SLURM Job Scheduler:

Programs can be run on the nodes by running a command to submit a "job script" to the SLURM scheduler. SLURM keeps track of all of the resources (e.g. CPU, GPU, Memory) on all of the nodes as well as all of the programs being run on the nodes. When new jobs are submitted, it is up to the SLURM scheduler to figure out what nodes should run the program and to start the requested program when the requested resources are available.

Software:

A wide range of software has been compiled or installed on the HPC system, including scientific packages, libraries and compilers. In fact, some packages have multiple versions installed. In order to make it easy to manage what packages should be used either interactively on the Login node, or in a job submitted to SLURM, the software is managed by the LMod Environment Module system. The "module" program can be run in a terminal manage what software is currently active in the terminal/shell environment. Since compilers are provided, people can also compile and install programs and packages into their own account. Similarly, since the Anaconda Python system is provides in a module, people can create their own Anaconda Virtual Environment and install Python packages into them. This puts full control into each users hands.

Containers:

Containers offer a way to install and run non-standard, complex or hard to install programs on a wide range of hardware and Operating Systems. A container encapsulates everything that is needed for the program to run into a single file. Then that file can be copied to a system that can run containers, even if that other system is running a completely different Operating System or Linux distribution. 

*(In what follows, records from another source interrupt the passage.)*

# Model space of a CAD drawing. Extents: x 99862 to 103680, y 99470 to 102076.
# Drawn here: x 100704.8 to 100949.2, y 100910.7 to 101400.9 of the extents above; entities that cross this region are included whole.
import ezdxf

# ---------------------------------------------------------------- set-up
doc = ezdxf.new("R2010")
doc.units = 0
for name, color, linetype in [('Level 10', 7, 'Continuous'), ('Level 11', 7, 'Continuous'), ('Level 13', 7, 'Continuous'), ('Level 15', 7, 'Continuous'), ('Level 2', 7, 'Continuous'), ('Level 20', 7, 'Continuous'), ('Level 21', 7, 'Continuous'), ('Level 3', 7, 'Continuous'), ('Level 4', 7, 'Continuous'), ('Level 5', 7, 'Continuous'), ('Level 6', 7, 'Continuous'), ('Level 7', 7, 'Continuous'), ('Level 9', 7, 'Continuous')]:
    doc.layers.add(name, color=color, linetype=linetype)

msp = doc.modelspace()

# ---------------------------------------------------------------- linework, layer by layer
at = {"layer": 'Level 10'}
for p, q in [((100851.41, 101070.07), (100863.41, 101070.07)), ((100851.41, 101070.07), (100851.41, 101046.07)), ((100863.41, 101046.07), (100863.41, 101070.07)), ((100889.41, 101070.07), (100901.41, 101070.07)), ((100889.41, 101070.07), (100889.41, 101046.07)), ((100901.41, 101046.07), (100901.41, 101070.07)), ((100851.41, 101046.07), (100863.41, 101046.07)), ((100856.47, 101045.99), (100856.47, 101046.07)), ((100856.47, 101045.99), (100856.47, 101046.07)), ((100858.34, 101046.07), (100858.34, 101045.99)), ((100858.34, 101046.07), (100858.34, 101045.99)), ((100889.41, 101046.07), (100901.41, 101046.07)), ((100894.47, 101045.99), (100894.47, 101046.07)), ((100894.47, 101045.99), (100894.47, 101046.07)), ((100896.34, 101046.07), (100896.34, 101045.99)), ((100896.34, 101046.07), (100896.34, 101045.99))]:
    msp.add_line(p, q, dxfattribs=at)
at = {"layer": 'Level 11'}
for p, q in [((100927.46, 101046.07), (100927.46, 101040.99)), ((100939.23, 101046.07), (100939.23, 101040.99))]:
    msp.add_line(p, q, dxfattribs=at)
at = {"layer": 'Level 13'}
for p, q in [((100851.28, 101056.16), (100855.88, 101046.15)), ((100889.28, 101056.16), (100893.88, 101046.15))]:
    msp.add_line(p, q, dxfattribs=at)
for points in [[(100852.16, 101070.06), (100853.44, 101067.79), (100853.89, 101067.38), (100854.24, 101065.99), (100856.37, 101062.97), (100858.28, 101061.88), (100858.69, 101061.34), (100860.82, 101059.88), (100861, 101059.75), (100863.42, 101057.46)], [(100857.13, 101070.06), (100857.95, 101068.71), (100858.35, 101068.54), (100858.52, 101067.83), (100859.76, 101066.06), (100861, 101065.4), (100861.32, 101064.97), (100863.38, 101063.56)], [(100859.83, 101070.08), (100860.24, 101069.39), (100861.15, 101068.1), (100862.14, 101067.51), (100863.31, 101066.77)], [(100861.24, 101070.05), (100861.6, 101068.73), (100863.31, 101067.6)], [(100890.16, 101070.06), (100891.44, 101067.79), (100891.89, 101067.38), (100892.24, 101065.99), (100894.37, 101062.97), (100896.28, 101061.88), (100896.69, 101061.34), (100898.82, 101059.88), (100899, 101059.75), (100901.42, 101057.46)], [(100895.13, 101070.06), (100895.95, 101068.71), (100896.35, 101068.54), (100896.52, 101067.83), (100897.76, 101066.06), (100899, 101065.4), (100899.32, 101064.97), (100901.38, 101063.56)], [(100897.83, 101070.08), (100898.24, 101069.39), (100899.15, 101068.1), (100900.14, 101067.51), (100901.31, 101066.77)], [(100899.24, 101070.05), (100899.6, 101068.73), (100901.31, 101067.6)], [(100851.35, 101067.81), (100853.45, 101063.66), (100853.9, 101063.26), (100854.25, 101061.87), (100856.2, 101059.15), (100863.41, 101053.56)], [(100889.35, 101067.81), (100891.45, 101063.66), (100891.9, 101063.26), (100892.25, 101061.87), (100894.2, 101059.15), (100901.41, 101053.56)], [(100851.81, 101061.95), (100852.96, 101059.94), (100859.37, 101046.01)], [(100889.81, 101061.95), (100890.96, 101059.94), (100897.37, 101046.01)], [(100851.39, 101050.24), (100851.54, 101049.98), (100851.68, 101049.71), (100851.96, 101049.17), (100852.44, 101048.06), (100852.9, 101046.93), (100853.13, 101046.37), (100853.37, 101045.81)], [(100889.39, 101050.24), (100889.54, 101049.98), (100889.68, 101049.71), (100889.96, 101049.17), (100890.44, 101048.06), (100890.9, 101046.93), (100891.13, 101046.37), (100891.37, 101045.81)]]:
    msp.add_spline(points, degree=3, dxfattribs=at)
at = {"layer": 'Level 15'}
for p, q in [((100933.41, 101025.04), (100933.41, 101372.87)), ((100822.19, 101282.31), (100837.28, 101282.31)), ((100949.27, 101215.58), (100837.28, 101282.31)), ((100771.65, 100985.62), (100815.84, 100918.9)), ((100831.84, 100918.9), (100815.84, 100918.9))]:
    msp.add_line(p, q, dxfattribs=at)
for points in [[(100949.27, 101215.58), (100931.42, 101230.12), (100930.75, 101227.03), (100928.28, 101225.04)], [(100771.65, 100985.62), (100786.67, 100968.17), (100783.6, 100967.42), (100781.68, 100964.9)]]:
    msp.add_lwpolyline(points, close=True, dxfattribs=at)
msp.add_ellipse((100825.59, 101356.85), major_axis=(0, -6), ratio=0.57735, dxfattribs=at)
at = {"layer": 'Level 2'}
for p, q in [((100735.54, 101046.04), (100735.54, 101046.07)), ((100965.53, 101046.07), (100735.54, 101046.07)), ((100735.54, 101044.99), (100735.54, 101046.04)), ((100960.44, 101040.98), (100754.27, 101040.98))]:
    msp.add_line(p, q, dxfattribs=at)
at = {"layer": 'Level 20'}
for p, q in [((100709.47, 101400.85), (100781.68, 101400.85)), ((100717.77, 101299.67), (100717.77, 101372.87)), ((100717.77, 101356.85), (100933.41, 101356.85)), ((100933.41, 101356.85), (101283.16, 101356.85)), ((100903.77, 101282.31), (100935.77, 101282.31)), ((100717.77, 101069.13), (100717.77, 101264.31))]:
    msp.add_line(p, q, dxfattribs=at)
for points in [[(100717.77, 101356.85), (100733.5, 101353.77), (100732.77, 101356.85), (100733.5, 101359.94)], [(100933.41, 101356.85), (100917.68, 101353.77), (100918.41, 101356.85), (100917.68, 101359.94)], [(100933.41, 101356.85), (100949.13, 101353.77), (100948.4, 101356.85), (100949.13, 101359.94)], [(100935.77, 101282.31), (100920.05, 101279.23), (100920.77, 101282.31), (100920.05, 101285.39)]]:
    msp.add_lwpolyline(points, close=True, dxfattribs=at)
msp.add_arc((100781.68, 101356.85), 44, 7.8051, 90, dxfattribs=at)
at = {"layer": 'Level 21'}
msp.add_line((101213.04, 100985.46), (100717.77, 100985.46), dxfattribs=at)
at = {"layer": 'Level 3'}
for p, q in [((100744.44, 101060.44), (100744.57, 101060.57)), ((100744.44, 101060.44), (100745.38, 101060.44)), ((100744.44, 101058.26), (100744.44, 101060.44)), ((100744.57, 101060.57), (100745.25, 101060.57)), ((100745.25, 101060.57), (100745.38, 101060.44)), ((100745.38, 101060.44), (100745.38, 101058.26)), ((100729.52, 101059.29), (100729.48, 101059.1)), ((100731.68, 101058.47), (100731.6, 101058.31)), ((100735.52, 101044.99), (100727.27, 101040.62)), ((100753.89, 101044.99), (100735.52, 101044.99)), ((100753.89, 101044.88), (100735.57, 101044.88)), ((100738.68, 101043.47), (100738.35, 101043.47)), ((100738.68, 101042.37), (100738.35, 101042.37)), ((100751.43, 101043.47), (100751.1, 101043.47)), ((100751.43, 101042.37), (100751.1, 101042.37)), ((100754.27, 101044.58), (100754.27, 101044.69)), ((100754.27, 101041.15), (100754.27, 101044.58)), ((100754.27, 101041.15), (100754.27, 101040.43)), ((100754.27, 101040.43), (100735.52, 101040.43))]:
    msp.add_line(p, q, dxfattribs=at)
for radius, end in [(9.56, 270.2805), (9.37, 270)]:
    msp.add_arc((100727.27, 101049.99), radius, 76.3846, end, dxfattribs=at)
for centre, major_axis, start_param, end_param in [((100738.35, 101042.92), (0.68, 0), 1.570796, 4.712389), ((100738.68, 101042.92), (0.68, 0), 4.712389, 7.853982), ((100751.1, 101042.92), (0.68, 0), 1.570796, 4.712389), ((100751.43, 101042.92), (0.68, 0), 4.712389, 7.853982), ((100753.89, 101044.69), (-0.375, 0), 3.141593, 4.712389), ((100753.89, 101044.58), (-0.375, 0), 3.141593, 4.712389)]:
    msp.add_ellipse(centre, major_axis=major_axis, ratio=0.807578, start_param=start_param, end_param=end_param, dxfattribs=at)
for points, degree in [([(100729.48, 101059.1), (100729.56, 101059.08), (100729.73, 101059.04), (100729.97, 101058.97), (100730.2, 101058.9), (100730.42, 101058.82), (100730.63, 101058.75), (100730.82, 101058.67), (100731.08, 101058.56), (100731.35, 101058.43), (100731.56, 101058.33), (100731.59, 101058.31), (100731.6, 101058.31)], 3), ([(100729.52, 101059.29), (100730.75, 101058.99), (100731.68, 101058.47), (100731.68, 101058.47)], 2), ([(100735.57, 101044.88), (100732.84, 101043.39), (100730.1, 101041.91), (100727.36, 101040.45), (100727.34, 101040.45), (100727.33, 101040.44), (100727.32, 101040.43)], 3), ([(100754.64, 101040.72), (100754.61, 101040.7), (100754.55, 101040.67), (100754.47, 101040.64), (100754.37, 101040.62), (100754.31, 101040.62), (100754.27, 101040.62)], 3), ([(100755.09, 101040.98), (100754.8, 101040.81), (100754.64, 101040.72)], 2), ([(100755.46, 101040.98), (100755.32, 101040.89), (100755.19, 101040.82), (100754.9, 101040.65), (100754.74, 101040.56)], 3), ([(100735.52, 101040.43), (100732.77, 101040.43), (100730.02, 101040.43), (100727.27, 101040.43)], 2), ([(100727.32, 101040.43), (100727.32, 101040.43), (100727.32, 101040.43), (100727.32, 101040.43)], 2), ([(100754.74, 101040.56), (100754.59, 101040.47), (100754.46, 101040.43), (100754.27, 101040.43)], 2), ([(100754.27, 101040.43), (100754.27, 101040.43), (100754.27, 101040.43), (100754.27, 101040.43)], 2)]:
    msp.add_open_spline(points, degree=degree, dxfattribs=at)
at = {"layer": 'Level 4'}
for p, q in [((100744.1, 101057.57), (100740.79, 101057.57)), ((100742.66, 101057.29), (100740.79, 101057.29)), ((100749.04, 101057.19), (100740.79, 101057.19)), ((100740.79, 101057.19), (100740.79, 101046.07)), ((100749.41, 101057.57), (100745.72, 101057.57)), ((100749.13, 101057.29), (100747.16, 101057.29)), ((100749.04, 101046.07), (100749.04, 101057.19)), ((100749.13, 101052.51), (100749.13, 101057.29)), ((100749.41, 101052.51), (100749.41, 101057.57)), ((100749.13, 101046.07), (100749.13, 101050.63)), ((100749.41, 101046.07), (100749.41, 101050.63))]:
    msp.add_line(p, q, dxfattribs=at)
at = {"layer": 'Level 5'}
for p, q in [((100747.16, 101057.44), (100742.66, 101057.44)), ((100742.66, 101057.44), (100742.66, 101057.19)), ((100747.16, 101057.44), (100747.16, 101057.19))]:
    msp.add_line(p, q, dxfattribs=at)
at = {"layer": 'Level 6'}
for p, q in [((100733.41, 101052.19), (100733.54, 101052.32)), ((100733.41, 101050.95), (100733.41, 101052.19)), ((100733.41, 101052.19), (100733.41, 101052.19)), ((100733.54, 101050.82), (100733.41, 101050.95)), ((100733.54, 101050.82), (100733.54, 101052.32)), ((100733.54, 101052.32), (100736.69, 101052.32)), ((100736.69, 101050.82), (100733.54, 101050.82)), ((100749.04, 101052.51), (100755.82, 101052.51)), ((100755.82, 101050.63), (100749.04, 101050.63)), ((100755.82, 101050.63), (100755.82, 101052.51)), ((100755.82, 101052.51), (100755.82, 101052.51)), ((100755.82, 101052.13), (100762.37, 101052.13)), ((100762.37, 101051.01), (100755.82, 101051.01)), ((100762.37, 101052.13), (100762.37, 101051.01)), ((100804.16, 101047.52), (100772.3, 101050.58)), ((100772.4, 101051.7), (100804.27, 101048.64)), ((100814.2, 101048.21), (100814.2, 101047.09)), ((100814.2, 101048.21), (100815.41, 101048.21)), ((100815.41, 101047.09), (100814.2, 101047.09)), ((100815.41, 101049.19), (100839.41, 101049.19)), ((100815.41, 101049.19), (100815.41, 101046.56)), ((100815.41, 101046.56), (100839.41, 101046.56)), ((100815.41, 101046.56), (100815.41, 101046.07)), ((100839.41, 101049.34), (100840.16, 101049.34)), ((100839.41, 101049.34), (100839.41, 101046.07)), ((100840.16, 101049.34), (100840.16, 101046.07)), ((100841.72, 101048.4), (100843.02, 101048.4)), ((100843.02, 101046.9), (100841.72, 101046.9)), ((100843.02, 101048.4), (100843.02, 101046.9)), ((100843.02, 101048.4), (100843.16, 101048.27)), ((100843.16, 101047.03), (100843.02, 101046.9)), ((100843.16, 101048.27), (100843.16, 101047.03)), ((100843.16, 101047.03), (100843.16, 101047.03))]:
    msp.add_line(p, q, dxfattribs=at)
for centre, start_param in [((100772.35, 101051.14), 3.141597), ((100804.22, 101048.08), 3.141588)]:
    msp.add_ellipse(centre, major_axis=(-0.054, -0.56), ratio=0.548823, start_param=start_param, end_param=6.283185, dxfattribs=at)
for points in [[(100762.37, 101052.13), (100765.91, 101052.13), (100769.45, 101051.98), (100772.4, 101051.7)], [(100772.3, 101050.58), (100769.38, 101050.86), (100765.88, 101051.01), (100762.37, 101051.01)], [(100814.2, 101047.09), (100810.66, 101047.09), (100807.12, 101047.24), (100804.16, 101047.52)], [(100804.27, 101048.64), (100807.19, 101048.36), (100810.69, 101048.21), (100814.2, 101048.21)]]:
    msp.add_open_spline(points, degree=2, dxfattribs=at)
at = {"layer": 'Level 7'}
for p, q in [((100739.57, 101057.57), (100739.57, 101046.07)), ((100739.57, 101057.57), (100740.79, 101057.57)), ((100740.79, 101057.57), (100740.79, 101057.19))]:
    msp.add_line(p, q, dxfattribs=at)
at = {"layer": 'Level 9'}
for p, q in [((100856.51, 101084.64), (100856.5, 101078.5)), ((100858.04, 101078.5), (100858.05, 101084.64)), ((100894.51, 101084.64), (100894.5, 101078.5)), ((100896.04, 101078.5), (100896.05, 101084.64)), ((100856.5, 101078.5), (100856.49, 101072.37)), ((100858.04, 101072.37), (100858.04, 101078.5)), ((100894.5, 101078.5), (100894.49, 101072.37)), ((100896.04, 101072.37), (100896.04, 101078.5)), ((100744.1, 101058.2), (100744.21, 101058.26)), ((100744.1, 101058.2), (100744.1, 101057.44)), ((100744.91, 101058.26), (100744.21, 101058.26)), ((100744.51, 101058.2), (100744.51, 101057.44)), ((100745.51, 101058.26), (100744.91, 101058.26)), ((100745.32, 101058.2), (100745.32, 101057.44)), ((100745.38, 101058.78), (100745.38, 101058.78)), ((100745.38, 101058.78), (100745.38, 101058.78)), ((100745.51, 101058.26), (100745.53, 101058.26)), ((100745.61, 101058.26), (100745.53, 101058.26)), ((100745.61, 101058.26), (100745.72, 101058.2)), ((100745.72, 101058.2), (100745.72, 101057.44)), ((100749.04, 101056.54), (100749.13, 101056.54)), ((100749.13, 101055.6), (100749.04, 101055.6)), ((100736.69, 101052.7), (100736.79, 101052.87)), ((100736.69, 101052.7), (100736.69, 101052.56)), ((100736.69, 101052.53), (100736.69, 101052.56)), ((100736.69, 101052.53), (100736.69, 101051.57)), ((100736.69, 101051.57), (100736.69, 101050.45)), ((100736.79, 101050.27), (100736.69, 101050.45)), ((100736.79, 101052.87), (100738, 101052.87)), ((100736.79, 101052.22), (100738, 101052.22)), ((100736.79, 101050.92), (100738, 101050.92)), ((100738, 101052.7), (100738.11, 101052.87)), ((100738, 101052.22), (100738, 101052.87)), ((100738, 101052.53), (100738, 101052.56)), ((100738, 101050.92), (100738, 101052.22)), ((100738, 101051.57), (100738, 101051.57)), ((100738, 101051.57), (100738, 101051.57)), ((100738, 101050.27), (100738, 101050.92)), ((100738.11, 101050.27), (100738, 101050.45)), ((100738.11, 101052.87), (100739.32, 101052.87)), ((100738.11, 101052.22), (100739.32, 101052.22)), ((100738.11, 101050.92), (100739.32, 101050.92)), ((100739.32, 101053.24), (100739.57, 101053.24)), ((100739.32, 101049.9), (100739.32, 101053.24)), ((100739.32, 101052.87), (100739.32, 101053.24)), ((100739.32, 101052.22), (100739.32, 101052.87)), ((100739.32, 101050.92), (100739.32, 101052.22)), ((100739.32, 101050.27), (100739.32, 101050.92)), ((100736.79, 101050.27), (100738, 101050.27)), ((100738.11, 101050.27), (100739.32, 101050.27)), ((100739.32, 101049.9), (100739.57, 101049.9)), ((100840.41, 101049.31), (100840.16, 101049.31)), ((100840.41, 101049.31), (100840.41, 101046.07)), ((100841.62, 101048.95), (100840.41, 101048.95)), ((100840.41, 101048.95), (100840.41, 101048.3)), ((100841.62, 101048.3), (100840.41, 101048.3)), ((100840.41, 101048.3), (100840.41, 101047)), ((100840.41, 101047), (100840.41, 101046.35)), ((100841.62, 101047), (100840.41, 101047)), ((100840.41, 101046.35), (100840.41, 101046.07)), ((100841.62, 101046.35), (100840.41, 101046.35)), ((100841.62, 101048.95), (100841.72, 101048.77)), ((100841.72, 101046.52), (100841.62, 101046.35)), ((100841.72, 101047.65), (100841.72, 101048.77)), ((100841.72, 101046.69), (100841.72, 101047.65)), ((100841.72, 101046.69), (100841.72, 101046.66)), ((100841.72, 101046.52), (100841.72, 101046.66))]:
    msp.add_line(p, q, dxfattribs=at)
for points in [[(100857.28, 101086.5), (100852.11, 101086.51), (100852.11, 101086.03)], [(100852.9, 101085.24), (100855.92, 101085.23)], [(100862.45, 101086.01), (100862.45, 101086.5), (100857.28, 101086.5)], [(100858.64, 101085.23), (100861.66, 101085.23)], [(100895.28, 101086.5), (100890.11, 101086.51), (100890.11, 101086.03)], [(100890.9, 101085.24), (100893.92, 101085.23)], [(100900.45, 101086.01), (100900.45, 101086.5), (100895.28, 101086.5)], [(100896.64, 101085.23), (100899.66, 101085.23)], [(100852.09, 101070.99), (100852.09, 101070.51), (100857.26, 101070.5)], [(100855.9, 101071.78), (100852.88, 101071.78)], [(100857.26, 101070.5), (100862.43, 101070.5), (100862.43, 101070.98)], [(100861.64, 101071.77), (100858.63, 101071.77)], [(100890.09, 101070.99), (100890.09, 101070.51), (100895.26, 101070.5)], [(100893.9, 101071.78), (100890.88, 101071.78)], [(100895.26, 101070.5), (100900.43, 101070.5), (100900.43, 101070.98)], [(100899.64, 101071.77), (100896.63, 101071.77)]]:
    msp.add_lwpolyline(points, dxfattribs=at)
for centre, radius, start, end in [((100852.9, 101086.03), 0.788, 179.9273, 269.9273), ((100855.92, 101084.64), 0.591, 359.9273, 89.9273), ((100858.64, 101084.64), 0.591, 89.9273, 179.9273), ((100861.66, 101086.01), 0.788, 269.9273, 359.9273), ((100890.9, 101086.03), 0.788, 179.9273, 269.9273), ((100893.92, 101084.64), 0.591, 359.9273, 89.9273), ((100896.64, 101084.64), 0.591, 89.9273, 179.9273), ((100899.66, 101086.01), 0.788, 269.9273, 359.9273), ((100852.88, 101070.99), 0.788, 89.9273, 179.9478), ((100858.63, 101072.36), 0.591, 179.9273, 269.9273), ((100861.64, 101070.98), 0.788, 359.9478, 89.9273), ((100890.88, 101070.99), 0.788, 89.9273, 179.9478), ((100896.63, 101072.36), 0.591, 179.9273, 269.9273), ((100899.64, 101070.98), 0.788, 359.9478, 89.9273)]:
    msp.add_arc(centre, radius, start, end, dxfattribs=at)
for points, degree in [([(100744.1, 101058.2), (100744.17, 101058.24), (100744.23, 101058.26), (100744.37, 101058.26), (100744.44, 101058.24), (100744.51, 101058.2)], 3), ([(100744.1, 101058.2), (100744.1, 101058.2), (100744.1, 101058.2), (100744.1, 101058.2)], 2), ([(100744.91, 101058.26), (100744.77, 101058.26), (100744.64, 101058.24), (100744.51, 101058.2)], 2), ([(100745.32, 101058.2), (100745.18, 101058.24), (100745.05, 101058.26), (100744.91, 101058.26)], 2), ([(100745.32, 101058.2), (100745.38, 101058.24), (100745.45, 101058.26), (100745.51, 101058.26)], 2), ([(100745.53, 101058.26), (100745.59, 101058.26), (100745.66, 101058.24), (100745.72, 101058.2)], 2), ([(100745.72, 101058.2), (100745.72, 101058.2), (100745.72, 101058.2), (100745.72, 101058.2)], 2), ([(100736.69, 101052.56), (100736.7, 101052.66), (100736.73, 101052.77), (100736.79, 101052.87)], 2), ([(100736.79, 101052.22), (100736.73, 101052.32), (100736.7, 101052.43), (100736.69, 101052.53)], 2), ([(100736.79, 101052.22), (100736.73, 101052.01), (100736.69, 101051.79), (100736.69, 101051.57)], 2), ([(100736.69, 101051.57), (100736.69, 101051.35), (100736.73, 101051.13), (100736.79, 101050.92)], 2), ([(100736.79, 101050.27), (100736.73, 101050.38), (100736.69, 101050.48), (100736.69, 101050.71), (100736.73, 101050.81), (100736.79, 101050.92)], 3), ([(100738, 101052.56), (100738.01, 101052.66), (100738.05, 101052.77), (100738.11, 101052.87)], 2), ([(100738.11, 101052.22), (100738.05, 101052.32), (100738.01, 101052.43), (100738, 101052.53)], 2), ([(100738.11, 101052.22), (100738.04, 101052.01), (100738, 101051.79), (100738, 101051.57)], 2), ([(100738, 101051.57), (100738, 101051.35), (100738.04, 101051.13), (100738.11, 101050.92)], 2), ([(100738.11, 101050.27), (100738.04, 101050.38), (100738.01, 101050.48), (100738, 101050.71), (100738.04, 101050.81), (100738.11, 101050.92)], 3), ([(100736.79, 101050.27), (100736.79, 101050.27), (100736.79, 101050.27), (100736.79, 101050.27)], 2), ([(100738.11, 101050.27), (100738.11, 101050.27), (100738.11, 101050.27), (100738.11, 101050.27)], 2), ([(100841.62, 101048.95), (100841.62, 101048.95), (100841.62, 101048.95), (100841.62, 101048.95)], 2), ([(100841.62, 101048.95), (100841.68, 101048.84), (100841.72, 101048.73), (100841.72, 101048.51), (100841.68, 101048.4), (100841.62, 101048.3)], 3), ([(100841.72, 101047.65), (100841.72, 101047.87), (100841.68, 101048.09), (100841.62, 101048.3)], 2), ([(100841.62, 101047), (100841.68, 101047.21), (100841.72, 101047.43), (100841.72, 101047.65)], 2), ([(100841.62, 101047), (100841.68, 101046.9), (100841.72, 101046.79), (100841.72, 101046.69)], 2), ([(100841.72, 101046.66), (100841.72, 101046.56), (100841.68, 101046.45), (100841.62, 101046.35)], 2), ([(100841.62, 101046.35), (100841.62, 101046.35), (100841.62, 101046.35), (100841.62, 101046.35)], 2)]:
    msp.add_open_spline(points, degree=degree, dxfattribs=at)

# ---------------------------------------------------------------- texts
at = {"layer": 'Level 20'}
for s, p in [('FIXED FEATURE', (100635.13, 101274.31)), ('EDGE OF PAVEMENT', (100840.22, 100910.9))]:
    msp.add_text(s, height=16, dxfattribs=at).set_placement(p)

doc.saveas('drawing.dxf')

The ACG HPC systems use Apptainer (also called Singularity) to run containers. Apptainer is compatible with Docker, so a huge range of pre-packaged software is available for use. For instance, Nvidia provides a large catalog of Docker containers providing a wide range of software that is optimized to run on their GPU systems. We have converted some of these containers into Singularity and made them available as a software module to be used on our systems.